Is a spinor in some sense connected to space?

I'm not entirely sure what OP's question (v4) is asking, but here are some comments:

I) The Dirac belt trick demonstrates that the Lie group $SO(3)$ of 3D rotations is doubly connected, $$ \pi_1(SO(3))~=~\mathbb{Z}_2. $$

_{(source: naukas.com)}

II) As for the title question Are spinors somehow connected to spacetime? one answer could be: Yes, in the sense that the mere existence of spinors puts topological constraints on possible spacetimes. In detail, the existence of a globally defined (Weyl) spinor on a (spacetime) manifold $M$ has the following topological implications for $M$:

1. The (spacetime) manifold $M$ should be orientable, i.e. the 1st Stiefel-Whitney class $w_1(M)\in H^1(M,\mathbb{Z}_2)$ should vanish.

2. The 2nd Stiefel-Whitney class $w_2(M)\in H^2(M,\mathbb{Z}_2)$ should vanish as well, cf. e.g. Wikipedia.

You might equally well ask, "How does the physical belt in the Dirac trick sense the topology?" This question is, when you think about it, no less mysterious than yours. The answer, by experiment, is that it simply does.

And ultimately, if something transforms "compatibly" with the Lorentz group, or with $SO(3)$, then there is really only a one-bit question to ask: are we talking about a representation of the original group (i.e. $SO(3)$ or $SO^+(1,\,3)$) or its double cover ($SU(2)$ or $SL(2,\,\mathbb{C})$)? There are no other possibilities (as you probably know). The question is pretty much the same for an electron or a Dirac ribbon.

The Dirac belt is only a physical analogy - albeit a pretty good one - for a homotopy class for a $C^1$ path through $SO(3)$ linking the identity to a given $\gamma\in SO(3)$. If you idealise the physical belt to a set of mathematical idealisations that intuitively seem pretty reasonable (i.e. in keeping with our experimental intuition gleaned from playing with ribbons and Dirac belts), then yes, the analogy becomes exact, as I discuss in Example 14.23 of my article "Lie Group Homotopy and Global Topology" on my website.

But then your question is tantamount to asking why does the real, physical object (Dirac belt) behave in the way described by the mathematical idealisations I talk about in my article. The answer is simply a wholly experimental one, to wit: it simply does, by experimental induction! You can't dig any deeper than this.
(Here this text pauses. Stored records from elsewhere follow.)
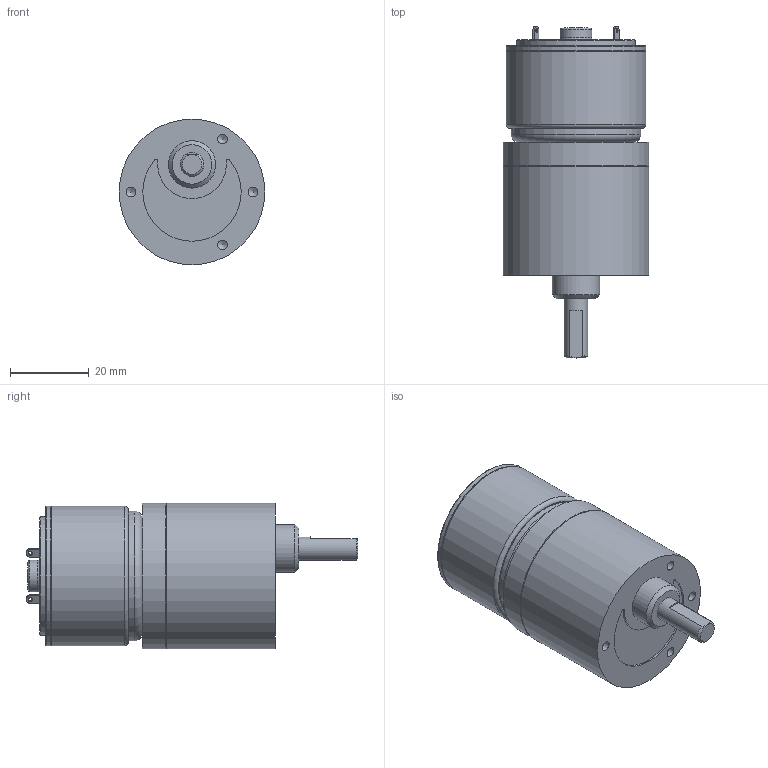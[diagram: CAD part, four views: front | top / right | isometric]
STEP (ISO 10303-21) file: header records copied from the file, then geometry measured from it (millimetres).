
FILE_DESCRIPTION((''),'2;1');
FILE_NAME('C:\Documents and Settings\SSEGAWA\デスクトップ\TP-3526E-HM-6.STP','2013-07-09T15:15:31',('SSEGAWA'),(''),'Autodesk Inventor 2010','Autodesk Inventor 2010','');
FILE_SCHEMA(('CONFIG_CONTROL_DESIGN'));
Length unit declared in the file: millimetre
Products named in the file (3): tp_3526e_hm_6; hm_6; tp_3526e
Assembly tree (2 placements, depth 2):
  tp_3526e_hm_6
    hm_6
    tp_3526e
Bounding box: 37 x 84.3 x 37 mm (x, y, z)
Volume: 62137.3 mm3; surface area: 11732.3 mm2
Topology: 2 solids, 2 shells, 76 faces, 162 edges, 106 vertices
Faces by surface type: plane 28, cylinder 22, bspline 18, torus 5, cone 3
Full cylindrical faces by diameter (mm): 1.1 x1, 2 x1, 2.4 x1, 5 x1, 6 x1, 8 x1, 10 x1, 12 x1, 30 x1, 33 x1, 35 x1, 35.4 x2, 36.6 x1, 37 x2
Entity records: 2088 total; most frequent: CARTESIAN_POINT 659, DIRECTION 297, ORIENTED_EDGE 202, EDGE_LOOP 137, AXIS2_PLACEMENT_3D 135, EDGE_CURVE 101, VERTEX_POINT 86, FACE_OUTER_BOUND 76

Now, you could ask a somewhat similar question along the lines of "Can we say spinors behave as though they are linked with little ribbons to spacetime, only in the sense of being mathematically analogous to the mathematical idealisation of a Dirac belt that, e.g. I discuss?" then the answer is of course yes. But this is subtly, but most assuredly, different from your question.

You can then say that any experimentally spinorial object: electron, any spin $\frac{1}{2}$ particle or indeed Dirac ribbon is experimentally seen to seem to somehow keep an "imprint" of how they have been rotated (path dependence/memory). Things that keep this imprint (i.e. recall the homotopy class) are by definition experimentally analogous to a member of the universal cover of $SO(3)$ or $SO^+(1,\,3)$.